**What you should do**
Could you retype, exactly and with no pictures, only the lines from the first line of the records below through the line that contains "Designator prefix X;"?

**Available records**
-------------------------
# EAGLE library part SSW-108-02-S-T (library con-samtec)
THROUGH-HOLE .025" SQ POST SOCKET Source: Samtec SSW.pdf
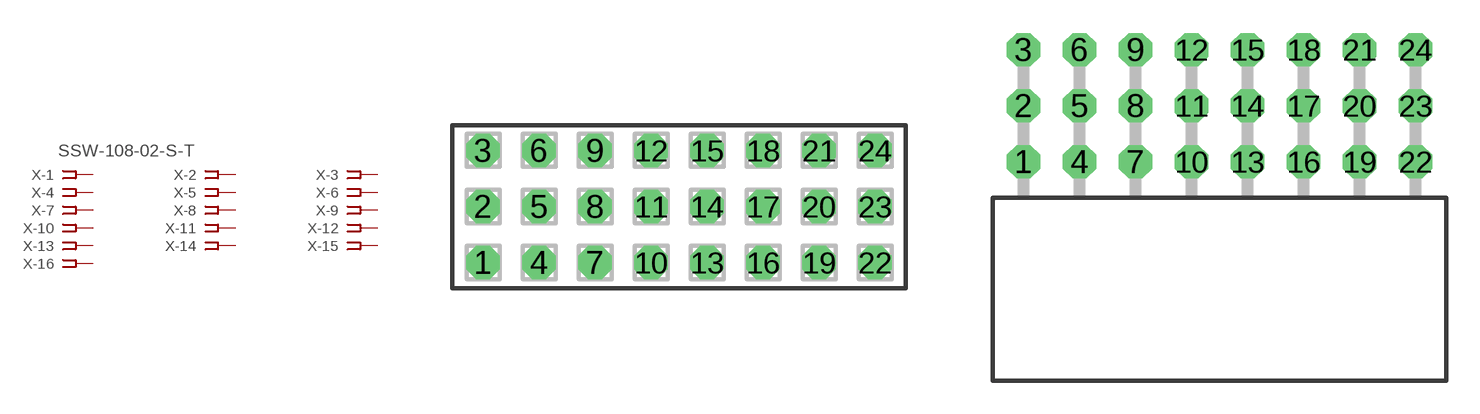
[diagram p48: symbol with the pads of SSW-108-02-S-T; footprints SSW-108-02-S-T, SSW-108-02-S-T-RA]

Designator prefix X; gates -1=FPINV -2=FPIN -3=FPIN -4=FPIN -5=FPIN -6=FPIN -7=FPIN -8=FPIN -9=FPIN -10=FPIN -11=FPIN -12=FPIN -13=FPIN -14=FPIN -15=FPIN -16=FPIN -17=FPIN -18=FPIN -19=FPIN -20=FPIN -21=FPIN -22=FPIN -23=FPIN -24=FPIN

## SSW-108-02-S-T (MPN: SSW-108-02-S-T; OC_FARNELL: unknown; OC_NEWARK: 82P4351)  [SSW-108-02-S-T]
1  -1:1  pas
2  -2:1  pas
3  -3:1  pas
4  -4:1  pas
5  -5:1  pas
6  -6:1  pas
7  -7:1  pas
8  -8:1  pas
9  -9:1  pas
10  -10:1  pas
11  -11:1  pas
12  -12:1  pas
13  -13:1  pas
14  -14:1  pas
15  -15:1  pas
16  -16:1  pas
17  -17:1  pas
18  -18:1  pas
19  -19:1  pas
20  -20:1  pas
21  -21:1  pas
22  -22:1  pas
23  -23:1  pas
24  -24:1  pas

## SSW-108-02-S-TRA (MPN: SSW-108-02-S-T-RA; OC_FARNELL: unknown; OC_NEWARK: 82P4352)  [SSW-108-02-S-T-RA]
Pads as for SSW-108-02-S-T

## Footprint SSW-108-02-S-T (pad centres in mm)
THROUGH-HOLE .025" SQ POST SOCKET Source: Samtec SSW.pdf
drill 1 pad 1.5 octagon: 1 -8.89,-2.54; 2 -8.89,0; 3 -8.89,2.54; 4 -6.35,-2.54; 5 -6.35,0; 6 -6.35,2.54; 7 -3.81,-2.54; 8 -3.81,0; 9 -3.81,2.54; 10 -1.27,-2.54; 11 -1.27,0; 12 -1.27,2.54; 13 1.27,-2.54; 14 1.27,0; 15 1.27,2.54; 16 3.81,-2.54; 17 3.81,0; 18 3.81,2.54; 19 6.35,-2.54; 20 6.35,0; 21 6.35,2.54; 22 8.89,-2.54; 23 8.89,0; 24 8.89,2.54

## Footprint SSW-108-02-S-T-RA (pad centres in mm)
THROUGH-HOLE .025" SQ POST SOCKET Source: Samtec SSW.pdf
drill 1 pad 1.5 octagon: 1 -8.89,1.524; 2 -8.89,4.064; 3 -8.89,6.604; 4 -6.35,1.524; 5 -6.35,4.064; 6 -6.35,6.604; 7 -3.81,1.524; 8 -3.81,4.064; 9 -3.81,6.604; 10 -1.27,1.524; 11 -1.27,4.064; 12 -1.27,6.604; 13 1.27,1.524; 14 1.27,4.064; 15 1.27,6.604; 16 3.81,1.524; 17 3.81,4.064; 18 3.81,6.604; 19 6.35,1.524; 20 6.35,4.064; 21 6.35,6.604; 22 8.89,1.524; 23 8.89,4.064; 24 8.89,6.604
-------------------------
**Solution to this exercise**
# EAGLE library part SSW-108-02-S-T (library con-samtec)
THROUGH-HOLE .025" SQ POST SOCKET Source: Samtec SSW.pdf
[diagram p48: symbol with the pads of SSW-108-02-S-T; footprints SSW-108-02-S-T, SSW-108-02-S-T-RA]

Designator prefix X; gates -1=FPINV -2=FPIN -3=FPIN -4=FPIN -5=FPIN -6=FPIN -7=FPIN -8=FPIN -9=FPIN -10=FPIN -11=FPIN -12=FPIN -13=FPIN -14=FPIN -15=FPIN -16=FPIN -17=FPIN -18=FPIN -19=FPIN -20=FPIN -21=FPIN -22=FPIN -23=FPIN -24=FPIN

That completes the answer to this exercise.